> _AIM OF THE EXERCISE_: An exact reprint of the listing is required, with no pictures included.

> _SOURCE MATERIAL_:
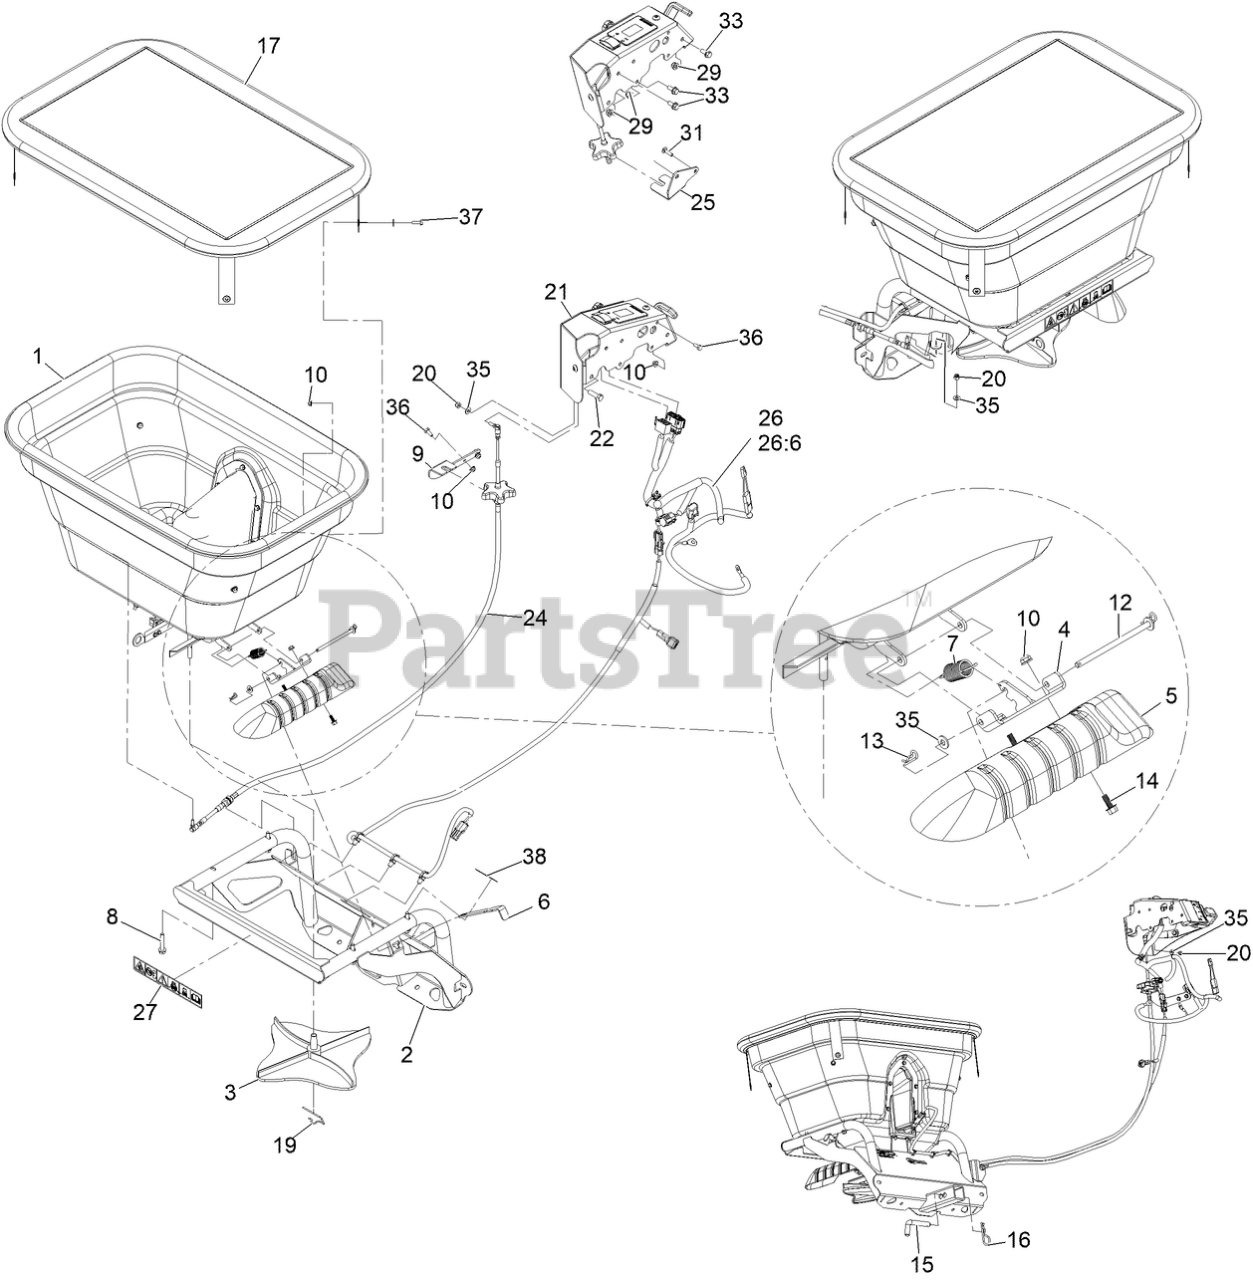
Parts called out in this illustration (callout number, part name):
1	Asy-Spreader Hopper
2	SPREADER HOPPER FRAME ASM
3	SPINNER-SPREADER
4	BRACKET-DEFLECTOR
5	DEFLECTOR
6	STRAP-ENGAGEMENT
7	Spring-Extension
8	Screw-HWH
9	BRACKET-CABLE
12	PIN-PIVOT
13	PIN-COTTER
14	SCREW-HHF
15	PIN-HITCH
16	PIN-HAIR
17	COVER-HOPPER
19	CLIP-SPINNER
20	NUT-LOCK
21	Spreader Controller ASM
22	SCREW-HH
24	CABLE-PUSH, PULL
25	BRACKET-CABLE
26	HARNESS
26:6	CONNECTOR
27	DECAL-DOWN, TIE
29	NUT-HF, NI
31	SCREW-CARR
33	SCREW-HHF
35	WASHER-FLAT
36	SCREW-HH
37	SCREW-HWH
38	DECAL-WARNING
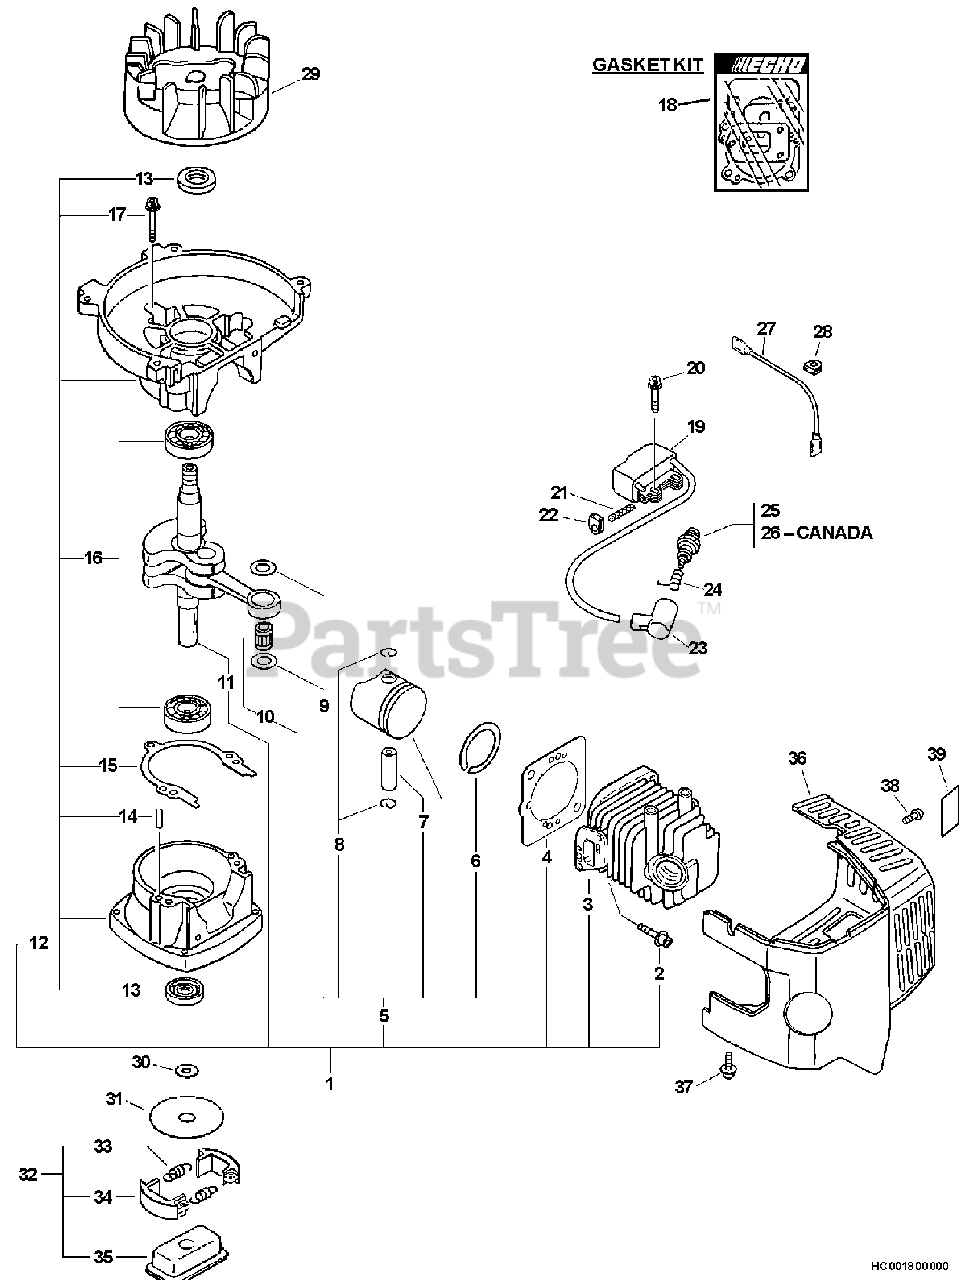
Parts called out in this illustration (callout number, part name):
1	SHORT BLOCK -- SB1074
2	SCREW - 5X22
3	CYLINDER
4	GASKET, CYLINDER
5	PISTON KIT
6	RING, PISTON
7	PIN, PISTON
8	RING, RETAINING
10	BEARING, NEEDLE - 8
11	CRANKSHAFT ASSY
12	CRANKCASE KIT
13	SEAL, OIL
14	PIN - LOCATING
15	GASKET, CRANKCASE
16	BEARING, BALL - 6201
17	SCREW - 5X28
18	GASKET KIT
19	COIL, IGNITION
20	SCREW - 4X20
21	TUBE, INSULATOR
23	CAP, SPARK PLUG
24	TERMINAL, SPARK PLUG CAP
25	SPARK PLUG -- BPM-8Y
26	SPARK PLUG -- BPMR-8Y
27	LEAD - IGNITION
29	FLYWHEEL
30	WASHER, CLUTCH
31	PLATE, CLUTCH
32	CLUTCH ASSY
33	SPRING, CLUTCH
34	SHOE, CLUTCH
35	HUB, CLUTCH
36	COVER, ENGINE - GRAY
37	SCREW - 4X20
38	SCREW - 4X8
39	LABEL - HOT SURFACE
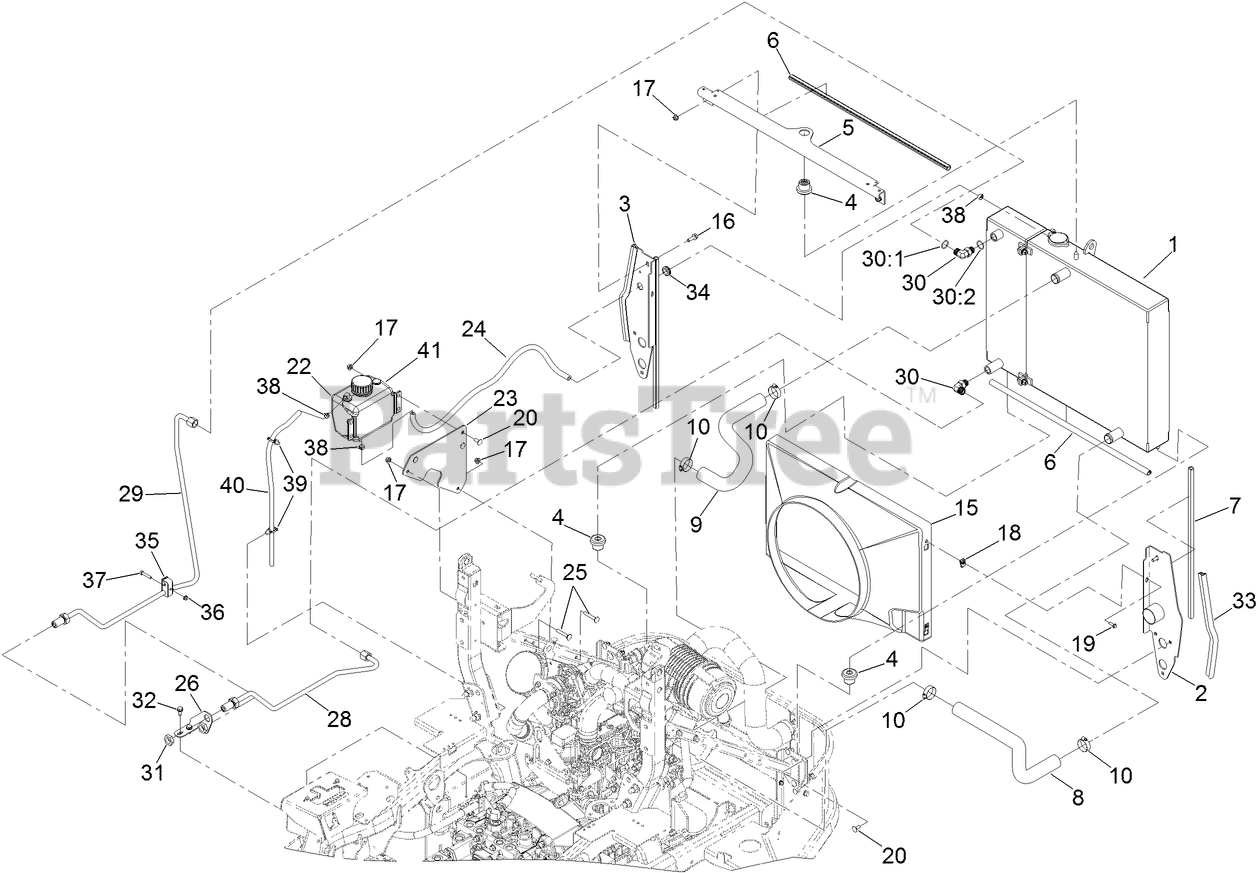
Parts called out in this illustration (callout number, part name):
1	COOLING ASM
2	SUPPORT-RADIATOR, LH
3	SUPPORT-RADIATOR, RH
4	MOUNT-ISOLATOR
5	BRACKET-COOLING, TOP
6	SEAL-BULB
7	SEAL-BULB
8	HOSE-RADIATOR, LOWER
9	HOSE-RADIATOR, UPPER
10	CLAMP-HOSE
15	SHROUD-FAN
16	SCREW-HHF
17	NUT-HF, NI
19	SCREW-HWH
20	SCREW-CARR
22	TANK-OVERFLOW, W/CAP
23	BRACKET-BOTTLE
24	HOSE-FUEL
25	BOLT-CARR
26	BRACKET-BULKHEAD
28	HYDRAULIC TUBE ASM
29	HYDRAULIC TUBE ASM
30	FITTING-ELBOW, 90 DEG
30:1	O-RING
30:2	O-RING
31	NUT-BULKHEAD
32	SCREW-HWHTF
33	SEAL-BULB
34	GROMMET
35	CLAMP-TWIN
36	NUT-HF
37	SCREW-HH
38	CLAMP-HOSE
39	CLIP-TIE
40	HOSE-FUEL
41	CAP-W/TETHER
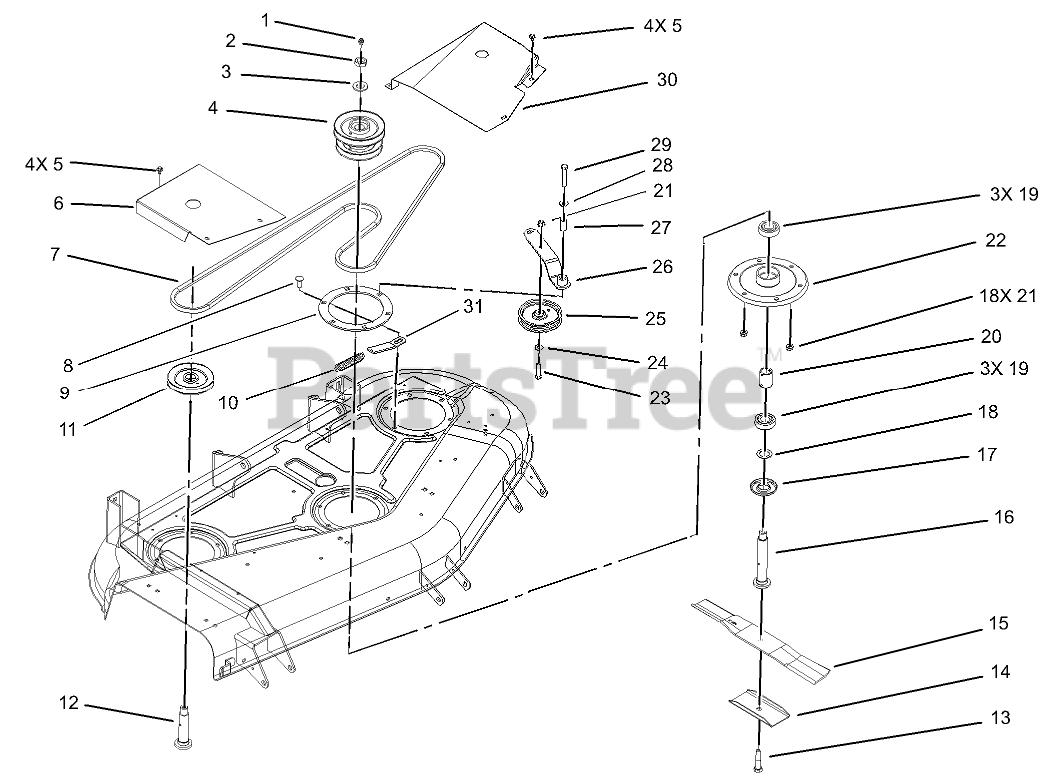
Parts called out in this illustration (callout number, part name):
1	FITTING-GREASE
2	NUT-JAM
3	WASHER-FLAT
4	PULLEY-DOUBLE
5	SCREW-HHFTF
6	COVER-BELT, RH
7	V-BELT
8	SCREW-CARR
9	RING-DECK SUPPORT
10	SPRING-EXTENSION
11	PULLEY
12	SHAFT-SPINDLE
13	SCREW-BLADE
14	STIFFENER-BLADE
15	Blade
16	SHAFT-SPINDLE
17	SHIELD-BEARING
18	WASHER-WHEEL
19	BEARING-BALL
20	SPACER-BEARING
21	NUT-HF
22	HOUSING-SPINDLE
23	SCREW-HH
24	WASHER-FLAT
25	PULLEY-IDLER
26	IDLER ARM ASM
27	SLEEVE
28	WASHER-FLAT
29	SCREW-HH
30	COVER ASM-LH
31	PLATE-SPRING
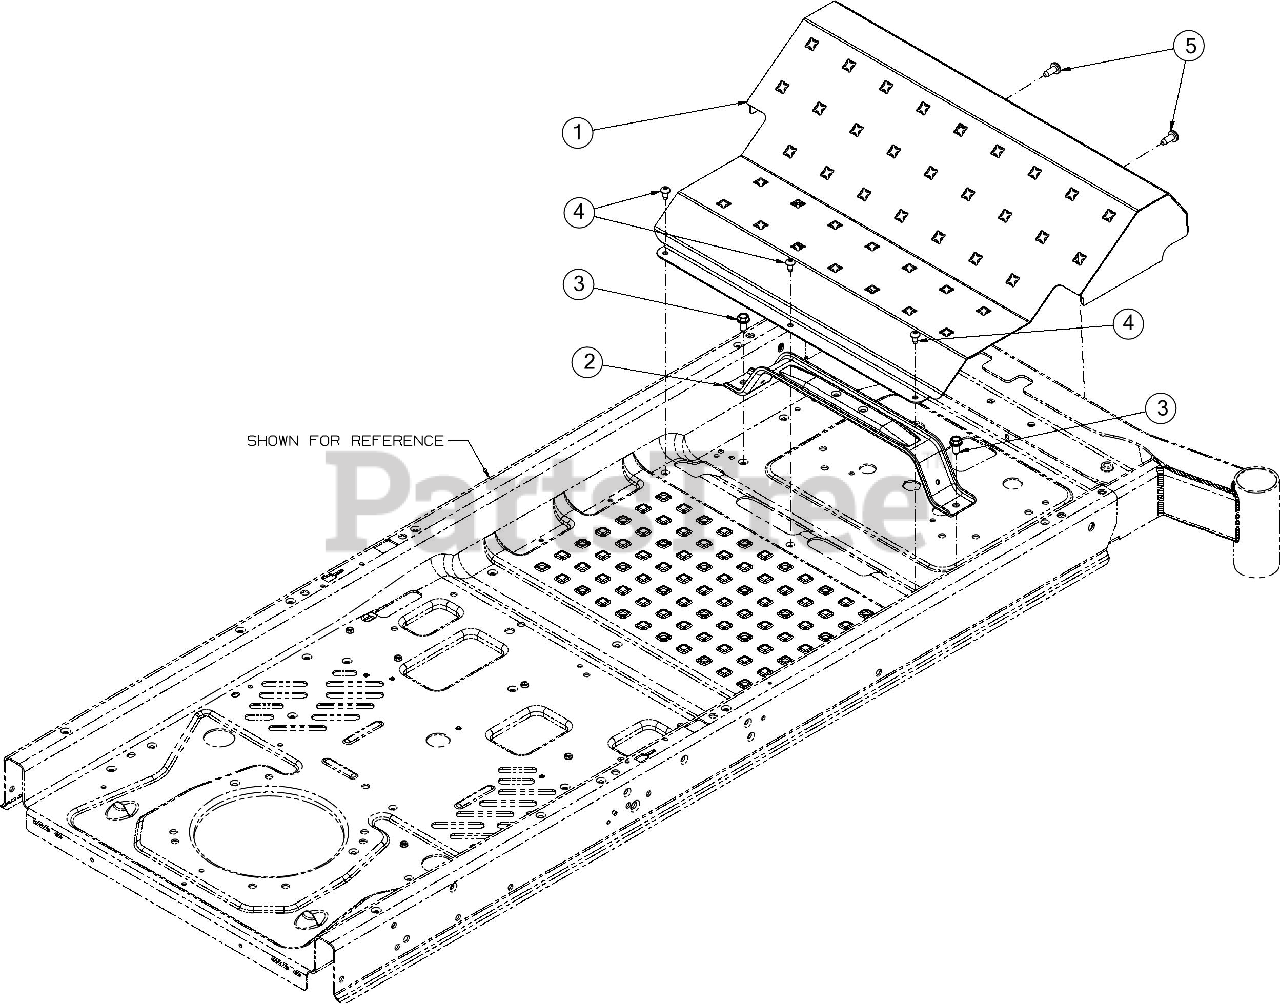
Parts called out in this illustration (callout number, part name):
1	FLOORBOARD
2	STEERING SUPPORT BRACKET
3	SCREW 5/16-18 x .750
4	SCREW 1/4-20 x .5
5	SCREW 5/16-18 X.75
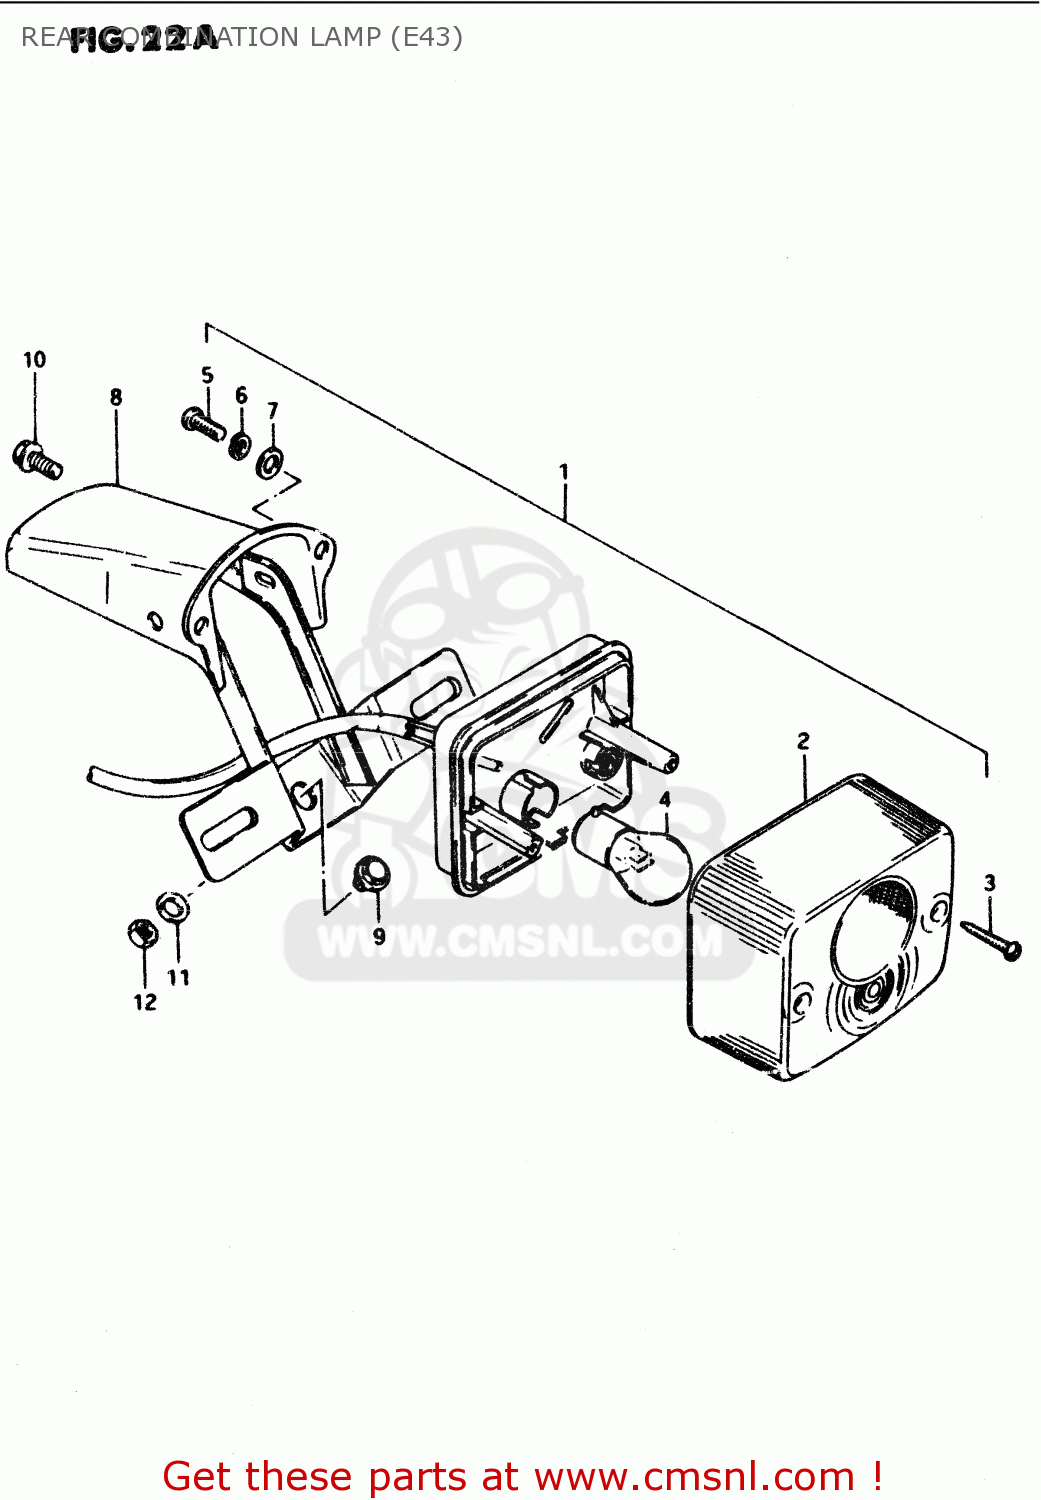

> _SOLVED PROBLEM_:
Parts called out in this illustration (callout number, part name):
1	Asy-Spreader Hopper
2	SPREADER HOPPER FRAME ASM
3	SPINNER-SPREADER
4	BRACKET-DEFLECTOR
5	DEFLECTOR
6	STRAP-ENGAGEMENT
7	Spring-Extension
8	Screw-HWH
9	BRACKET-CABLE
12	PIN-PIVOT
13	PIN-COTTER
14	SCREW-HHF
15	PIN-HITCH
16	PIN-HAIR
17	COVER-HOPPER
19	CLIP-SPINNER
20	NUT-LOCK
21	Spreader Controller ASM
22	SCREW-HH
24	CABLE-PUSH, PULL
25	BRACKET-CABLE
26	HARNESS
26:6	CONNECTOR
27	DECAL-DOWN, TIE
29	NUT-HF, NI
31	SCREW-CARR
33	SCREW-HHF
35	WASHER-FLAT
36	SCREW-HH
37	SCREW-HWH
38	DECAL-WARNING
Parts called out in this illustration (callout number, part name):
1	SHORT BLOCK -- SB1074
2	SCREW - 5X22
3	CYLINDER
4	GASKET, CYLINDER
5	PISTON KIT
6	RING, PISTON
7	PIN, PISTON
8	RING, RETAINING
10	BEARING, NEEDLE - 8
11	CRANKSHAFT ASSY
12	CRANKCASE KIT
13	SEAL, OIL
14	PIN - LOCATING
15	GASKET, CRANKCASE
16	BEARING, BALL - 6201
17	SCREW - 5X28
18	GASKET KIT
19	COIL, IGNITION
20	SCREW - 4X20
21	TUBE, INSULATOR
23	CAP, SPARK PLUG
24	TERMINAL, SPARK PLUG CAP
25	SPARK PLUG -- BPM-8Y
26	SPARK PLUG -- BPMR-8Y
27	LEAD - IGNITION
29	FLYWHEEL
30	WASHER, CLUTCH
31	PLATE, CLUTCH
32	CLUTCH ASSY
33	SPRING, CLUTCH
34	SHOE, CLUTCH
35	HUB, CLUTCH
36	COVER, ENGINE - GRAY
37	SCREW - 4X20
38	SCREW - 4X8
39	LABEL - HOT SURFACE
Parts called out in this illustration (callout number, part name):
1	COOLING ASM
2	SUPPORT-RADIATOR, LH
3	SUPPORT-RADIATOR, RH
4	MOUNT-ISOLATOR
5	BRACKET-COOLING, TOP
6	SEAL-BULB
7	SEAL-BULB
8	HOSE-RADIATOR, LOWER
9	HOSE-RADIATOR, UPPER
10	CLAMP-HOSE
15	SHROUD-FAN
16	SCREW-HHF
17	NUT-HF, NI
19	SCREW-HWH
20	SCREW-CARR
22	TANK-OVERFLOW, W/CAP
23	BRACKET-BOTTLE
24	HOSE-FUEL
25	BOLT-CARR
26	BRACKET-BULKHEAD
28	HYDRAULIC TUBE ASM
29	HYDRAULIC TUBE ASM
30	FITTING-ELBOW, 90 DEG
30:1	O-RING
30:2	O-RING
31	NUT-BULKHEAD
32	SCREW-HWHTF
33	SEAL-BULB
34	GROMMET
35	CLAMP-TWIN
36	NUT-HF
37	SCREW-HH
38	CLAMP-HOSE
39	CLIP-TIE
40	HOSE-FUEL
41	CAP-W/TETHER
Parts called out in this illustration (callout number, part name):
1	FITTING-GREASE
2	NUT-JAM
3	WASHER-FLAT
4	PULLEY-DOUBLE
5	SCREW-HHFTF
6	COVER-BELT, RH
7	V-BELT
8	SCREW-CARR
9	RING-DECK SUPPORT
10	SPRING-EXTENSION
11	PULLEY
12	SHAFT-SPINDLE
13	SCREW-BLADE
14	STIFFENER-BLADE
15	Blade
16	SHAFT-SPINDLE
17	SHIELD-BEARING
18	WASHER-WHEEL
19	BEARING-BALL
20	SPACER-BEARING
21	NUT-HF
22	HOUSING-SPINDLE
23	SCREW-HH
24	WASHER-FLAT
25	PULLEY-IDLER
26	IDLER ARM ASM
27	SLEEVE
28	WASHER-FLAT
29	SCREW-HH
30	COVER ASM-LH
31	PLATE-SPRING
Parts called out in this illustration (callout number, part name):
1	FLOORBOARD
2	STEERING SUPPORT BRACKET
3	SCREW 5/16-18 x .750
4	SCREW 1/4-20 x .5
5	SCREW 5/16-18 X.75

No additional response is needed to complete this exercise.